Most published research findings are false. This was the startling conclusion of a paper by John Ioannidis, an epidemiologist at Stanford University, who has since become the poster boy for an uncomfortable fact: human fallibility undermines the pursuit of truth in research.
While science is still popularly seen as an unfaltering march towards truth, Professor Ioannidis demonstrated in his now-famous 2005 paper, "Why most published research findings are false", that scientists have a bad habit of getting in the way. They play around with their data until they spot something they want to see, engaging in what Professor Ioannidis called statistical "significance chasing". They find clever ways to confirm hypotheses, cherry-picking results and burying bad news in inaccessible, complex databases.
Selective reporting of findings may be the innocent result of a subconscious desire to be proved right, or it may be driven by more sinister motives. As Professor Ioannidis told The New Yorker last year: "It feels good to validate a hypothesis. It feels even better when you've got a financial interest in the idea or your career depends on it." Whatever its spark, the problem is real and serious.
Of course, researchers are not lone actors. Another group of all-too-fallible humans, journal editors, can muddy the waters further. Journals like to report eye-catching positive research findings, but they often pay less attention if a theory is later shot down. When editors are also reluctant to print retractions when things are simply wrong, the scientific literature can become messy and murky.
Such factors come into play in the cancer research scandal that has unfolded at Duke University over the past five years. As Darrel Ince, professor of computing at The Open University, details in our cover feature, what seemed to be a significant scientific breakthrough was leaped upon by several top journals, while subsequent evidence of major problems with the data and statistical analysis struggled to gain anything like the same public prominence. There was reluctance by some journals to set the record straight and suggestions that the issue was one of statistical interpretation, with no right or wrong answer.
In the end, it was clear that the case was built on flawed data. But if it had not been for two dogged biostatisticians who spotted the problems and would not let the matter go, much more than just money and time could have been at stake - clinical trials based on the flawed findings were under way.

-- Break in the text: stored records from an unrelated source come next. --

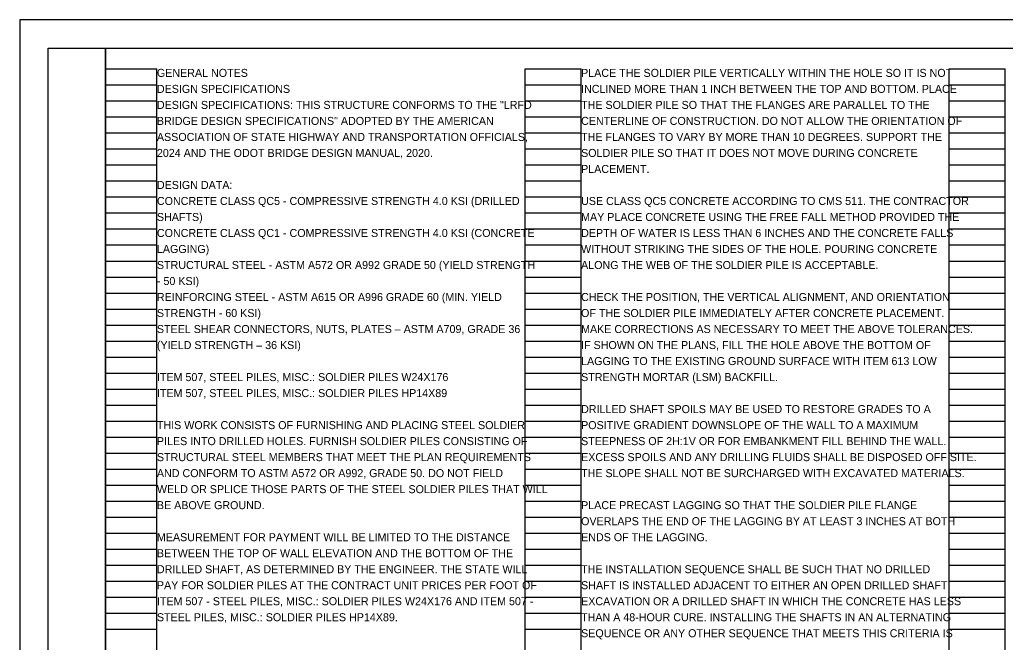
# Model space of a CAD drawing. Extents: x 0 to 34, y 0 to 22.
# Drawn here: x 0 to 17.24, y 11.11 to 22 of the extents above; entities that cross this region are included whole.
import ezdxf

# ---------------------------------------------------------------- set-up
doc = ezdxf.new("R2010")
doc.units = 0
for name, color, linetype in [('Default', 7, 'Continuous'), ('SH_Border', 7, 'Continuous'), ('SH_Cut_Line', 7, 'Continuous'), ('SH_Data', 7, 'Continuous')]:
    doc.layers.add(name, color=color, linetype=linetype)

msp = doc.modelspace()

# ---------------------------------------------------------------- linework, layer by layer
at = {"layer": 'SH_Border'}
for points in [[(0.5, 21.5), (1.5, 21.5), (1.5, 0.5), (0.5, 0.5)], [(1.5, 21.5), (33.5, 21.5), (33.5, 0.5), (1.5, 0.5)]]:
    msp.add_lwpolyline(points, close=True, dxfattribs=at)
at = {"layer": 'SH_Cut_Line'}
msp.add_lwpolyline([(0, 0), (34, 0), (34, 22), (0, 22)], close=True, dxfattribs=at)
at = {"layer": 'SH_Data'}
for p, q in [((1.5, 0.98), (1.5, 21.14)), ((1.5, 21.14), (2.4, 21.14)), ((2.4, 0.98), (2.4, 21.14)), ((8.84, 0.98), (8.84, 21.14)), ((8.84, 21.14), (9.82, 21.14)), ((9.82, 0.98), (9.82, 21.14)), ((16.26, 0.98), (16.26, 21.14)), ((16.26, 21.14), (17.24, 21.14)), ((17.24, 0.98), (17.24, 21.14)), ((1.5, 20.86), (2.4, 20.86)), ((8.84, 20.86), (9.82, 20.86)), ((16.26, 20.86), (17.24, 20.86)), ((1.5, 20.58), (2.4, 20.58)), ((8.84, 20.58), (9.82, 20.58)), ((16.26, 20.58), (17.24, 20.58)), ((1.5, 20.3), (2.4, 20.3)), ((8.84, 20.3), (9.82, 20.3)), ((16.26, 20.3), (17.24, 20.3)), ((1.5, 20.02), (2.4, 20.02)), ((8.84, 20.02), (9.82, 20.02)), ((16.26, 20.02), (17.24, 20.02)), ((1.5, 19.74), (2.4, 19.74)), ((8.84, 19.74), (9.82, 19.74)), ((16.26, 19.74), (17.24, 19.74)), ((1.5, 19.46), (2.4, 19.46)), ((8.84, 19.46), (9.82, 19.46)), ((16.26, 19.46), (17.24, 19.46)), ((1.5, 19.18), (2.4, 19.18)), ((8.84, 19.18), (9.82, 19.18)), ((16.26, 19.18), (17.24, 19.18)), ((1.5, 18.9), (2.4, 18.9)), ((8.84, 18.9), (9.82, 18.9)), ((16.26, 18.9), (17.24, 18.9)), ((1.5, 18.62), (2.4, 18.62)), ((8.84, 18.62), (9.82, 18.62)), ((16.26, 18.62), (17.24, 18.62)), ((1.5, 18.34), (2.4, 18.34)), ((8.84, 18.34), (9.82, 18.34)), ((16.26, 18.34), (17.24, 18.34)), ((1.5, 18.06), (2.4, 18.06)), ((8.84, 18.06), (9.82, 18.06)), ((16.26, 18.06), (17.24, 18.06)), ((1.5, 17.78), (2.4, 17.78)), ((8.84, 17.78), (9.82, 17.78)), ((16.26, 17.78), (17.24, 17.78)), ((1.5, 17.5), (2.4, 17.5)), ((8.84, 17.5), (9.82, 17.5)), ((16.26, 17.5), (17.24, 17.5)), ((1.5, 17.22), (2.4, 17.22)), ((8.84, 17.22), (9.82, 17.22)), ((16.26, 17.22), (17.24, 17.22)), ((1.5, 16.94), (2.4, 16.94)), ((8.84, 16.94), (9.82, 16.94)), ((16.26, 16.94), (17.24, 16.94)), ((1.5, 16.66), (2.4, 16.66)), ((8.84, 16.66), (9.82, 16.66)), ((16.26, 16.66), (17.24, 16.66)), ((1.5, 16.38), (2.4, 16.38)), ((8.84, 16.38), (9.82, 16.38)), ((16.26, 16.38), (17.24, 16.38)), ((1.5, 16.1), (2.4, 16.1)), ((8.84, 16.1), (9.82, 16.1)), ((16.26, 16.1), (17.24, 16.1)), ((1.5, 15.82), (2.4, 15.82)), ((8.84, 15.82), (9.82, 15.82)), ((16.26, 15.82), (17.24, 15.82)), ((1.5, 15.54), (2.4, 15.54)), ((8.84, 15.54), (9.82, 15.54)), ((16.26, 15.54), (17.24, 15.54)), ((1.5, 15.26), (2.4, 15.26)), ((8.84, 15.26), (9.82, 15.26)), ((16.26, 15.26), (17.24, 15.26)), ((1.5, 14.98), (2.4, 14.98)), ((8.84, 14.98), (9.82, 14.98)), ((16.26, 14.98), (17.24, 14.98)), ((1.5, 14.7), (2.4, 14.7)), ((8.84, 14.7), (9.82, 14.7)), ((16.26, 14.7), (17.24, 14.7)), ((1.5, 14.42), (2.4, 14.42)), ((8.84, 14.42), (9.82, 14.42)), ((16.26, 14.42), (17.24, 14.42)), ((1.5, 14.14), (2.4, 14.14)), ((8.84, 14.14), (9.82, 14.14)), ((16.26, 14.14), (17.24, 14.14)), ((1.5, 13.86), (2.4, 13.86)), ((8.84, 13.86), (9.82, 13.86)), ((16.26, 13.86), (17.24, 13.86)), ((1.5, 13.58), (2.4, 13.58)), ((8.84, 13.58), (9.82, 13.58)), ((16.26, 13.58), (17.24, 13.58)), ((1.5, 13.3), (2.4, 13.3)), ((8.84, 13.3), (9.82, 13.3)), ((16.26, 13.3), (17.24, 13.3)), ((1.5, 13.02), (2.4, 13.02)), ((8.84, 13.02), (9.82, 13.02)), ((16.26, 13.02), (17.24, 13.02)), ((1.5, 12.74), (2.4, 12.74)), ((8.84, 12.74), (9.82, 12.74)), ((16.26, 12.74), (17.24, 12.74)), ((1.5, 12.46), (2.4, 12.46)), ((8.84, 12.46), (9.82, 12.46)), ((16.26, 12.46), (17.24, 12.46)), ((1.5, 12.18), (2.4, 12.18)), ((8.84, 12.18), (9.82, 12.18)), ((16.26, 12.18), (17.24, 12.18)), ((1.5, 11.9), (2.4, 11.9)), ((8.84, 11.9), (9.82, 11.9)), ((16.26, 11.9), (17.24, 11.9)), ((1.5, 11.62), (2.4, 11.62)), ((8.84, 11.62), (9.82, 11.62)), ((16.26, 11.62), (17.24, 11.62)), ((1.5, 11.34), (2.4, 11.34)), ((8.84, 11.34), (9.82, 11.34)), ((16.26, 11.34), (17.24, 11.34))]:
    msp.add_line(p, q, dxfattribs=at)

# ---------------------------------------------------------------- texts
at = {"layer": 'Default'}
for s, p in [('GENERAL NOTES', (2.4, 21)), ('PLACE THE SOLDIER PILE VERTICALLY WITHIN THE HOLE SO IT IS NOT ', (9.82, 21)), ('DESIGN SPECIFICATIONS', (2.4, 20.72)), ('INCLINED MORE THAN 1 INCH BETWEEN THE TOP AND BOTTOM. PLACE ', (9.82, 20.72)), ('DESIGN SPECIFICATIONS: THIS STRUCTURE CONFORMS TO THE "LRFD ', (2.4, 20.44)), ('THE SOLDIER PILE SO THAT THE FLANGES ARE PARALLEL TO THE ', (9.82, 20.44)), ('BRIDGE DESIGN SPECIFICATIONS" ADOPTED BY THE AMERICAN ', (2.4, 20.16)), ('CENTERLINE OF CONSTRUCTION. DO NOT ALLOW THE ORIENTATION OF ', (9.82, 20.16)), ('ASSOCIATION OF STATE HIGHWAY AND TRANSPORTATION OFFICIALS, ', (2.4, 19.88)), ('THE FLANGES TO VARY BY MORE THAN 10 DEGREES. SUPPORT THE ', (9.82, 19.88)), ('2024 AND THE ODOT BRIDGE DESIGN MANUAL, 2020.', (2.4, 19.6)), ('SOLDIER PILE SO THAT IT DOES NOT MOVE DURING CONCRETE ', (9.82, 19.6)), ('PLACEMENT. ', (9.82, 19.32)), ('DESIGN DATA:', (2.4, 19.04)), ('CONCRETE CLASS QC5 - COMPRESSIVE STRENGTH 4.0 KSI (DRILLED ', (2.4, 18.76)), ('USE CLASS QC5 CONCRETE ACCORDING TO CMS 511. THE CONTRACTOR ', (9.82, 18.76)), ('SHAFTS)', (2.4, 18.48)), ('MAY PLACE CONCRETE USING THE FREE FALL METHOD PROVIDED THE ', (9.82, 18.48)), ('CONCRETE CLASS QC1 - COMPRESSIVE STRENGTH 4.0 KSI (CONCRETE ', (2.4, 18.2)), ('DEPTH OF WATER IS LESS THAN 6 INCHES AND THE CONCRETE FALLS ', (9.82, 18.2)), ('LAGGING)', (2.4, 17.92)), ('WITHOUT STRIKING THE SIDES OF THE HOLE. POURING CONCRETE ', (9.82, 17.92)), ('STRUCTURAL STEEL - ASTM A572 OR A992 GRADE 50 (YIELD STRENGTH ', (2.4, 17.64)), ('ALONG THE WEB OF THE SOLDIER PILE IS ACCEPTABLE.', (9.82, 17.64)), ('- 50 KSI)', (2.4, 17.36)), ('REINFORCING STEEL - ASTM A615 OR A996 GRADE 60 (MIN. YIELD ', (2.4, 17.08)), ('CHECK THE POSITION, THE VERTICAL ALIGNMENT, AND ORIENTATION ', (9.82, 17.08)), ('STRENGTH - 60 KSI)', (2.4, 16.8)), ('OF THE SOLDIER PILE IMMEDIATELY AFTER CONCRETE PLACEMENT. ', (9.82, 16.8)), ('STEEL SHEAR CONNECTORS, NUTS, PLATES – ASTM A709, GRADE 36 ', (2.4, 16.52)), ('MAKE CORRECTIONS AS NECESSARY TO MEET THE ABOVE TOLERANCES. ', (9.82, 16.52)), ('(YIELD STRENGTH – 36 KSI) ', (2.4, 16.24)), ('IF SHOWN ON THE PLANS, FILL THE HOLE ABOVE THE BOTTOM OF ', (9.82, 16.24)), ('LAGGING TO THE EXISTING GROUND SURFACE WITH ITEM 613 LOW ', (9.82, 15.96)), ('ITEM 507, STEEL PILES, MISC.: SOLDIER PILES W24X176', (2.4, 15.68)), ('STRENGTH MORTAR (LSM) BACKFILL.', (9.82, 15.68)), ('ITEM 507, STEEL PILES, MISC.: SOLDIER PILES HP14X89', (2.4, 15.4)), ('DRILLED SHAFT SPOILS MAY BE USED TO RESTORE GRADES TO A ', (9.82, 15.12)), ('THIS WORK CONSISTS OF FURNISHING AND PLACING STEEL SOLDIER ', (2.4, 14.84)), ('POSITIVE GRADIENT DOWNSLOPE OF THE WALL TO A MAXIMUM ', (9.82, 14.84)), ('PILES INTO DRILLED HOLES. FURNISH SOLDIER PILES CONSISTING OF ', (2.4, 14.56)), ('STEEPNESS OF 2H:1V OR FOR EMBANKMENT FILL BEHIND THE WALL. ', (9.82, 14.56)), ('STRUCTURAL STEEL MEMBERS THAT MEET THE PLAN REQUIREMENTS ', (2.4, 14.28)), ('EXCESS SPOILS AND ANY DRILLING FLUIDS SHALL BE DISPOSED OFF SITE. ', (9.82, 14.28)), ('AND CONFORM TO ASTM A572 OR A992, GRADE 50. DO NOT FIELD ', (2.4, 14)), ('THE SLOPE SHALL NOT BE SURCHARGED WITH EXCAVATED MATERIALS.', (9.82, 14)), ('WELD OR SPLICE THOSE PARTS OF THE STEEL SOLDIER PILES THAT WILL ', (2.4, 13.72)), ('BE ABOVE GROUND. ', (2.4, 13.44)), ('PLACE PRECAST LAGGING SO THAT THE SOLDIER PILE FLANGE ', (9.82, 13.44)), ('OVERLAPS THE END OF THE LAGGING BY AT LEAST 3 INCHES AT BOTH ', (9.82, 13.16)), ('MEASUREMENT FOR PAYMENT WILL BE LIMITED TO THE DISTANCE ', (2.4, 12.88)), ('ENDS OF THE LAGGING. ', (9.82, 12.88)), ('BETWEEN THE TOP OF WALL ELEVATION AND THE BOTTOM OF THE ', (2.4, 12.6)), ('DRILLED SHAFT, AS DETERMINED BY THE ENGINEER. THE STATE WILL ', (2.4, 12.32)), ('THE INSTALLATION SEQUENCE SHALL BE SUCH THAT NO DRILLED ', (9.82, 12.32)), ('PAY FOR SOLDIER PILES AT THE CONTRACT UNIT PRICES PER FOOT OF ', (2.4, 12.04)), ('SHAFT IS INSTALLED ADJACENT TO EITHER AN OPEN DRILLED SHAFT ', (9.82, 12.04)), ('ITEM 507 - STEEL PILES, MISC.: SOLDIER PILES W24X176 AND ITEM 507 - ', (2.4, 11.76)), ('EXCAVATION OR A DRILLED SHAFT IN WHICH THE CONCRETE HAS LESS ', (9.82, 11.76)), ('STEEL PILES, MISC.: SOLDIER PILES HP14X89.', (2.4, 11.48)), ('THAN A 48-HOUR CURE. INSTALLING THE SHAFTS IN AN ALTERNATING ', (9.82, 11.48)), ('SEQUENCE OR ANY OTHER SEQUENCE THAT MEETS THIS CRITERIA IS ', (9.82, 11.2))]:
    msp.add_text(s, height=0.14, dxfattribs=at).set_placement(p)

doc.saveas('drawing.dxf')

So what lessons can be learned?
We may struggle to change human nature, but we ought to be able to ensure that journals, as Professor Ince says, "acknowledge that falsifiability lies at the heart of the scientific endeavour" - they must be less quick to dismiss challenges to their published papers and more willing to admit mistakes.
Duke itself has acknowledged that in work involving complex statistical analyses, most scientists could benefit from a little help from the statistics department before publishing.
Professor Ince goes a step further, arguing that all elements of all the work (in the Duke case, the full raw data and relevant computer code) should be made publicly available so that others can replicate or repudiate the findings.
In this age of information and the internet, that can't be too difficult, can it?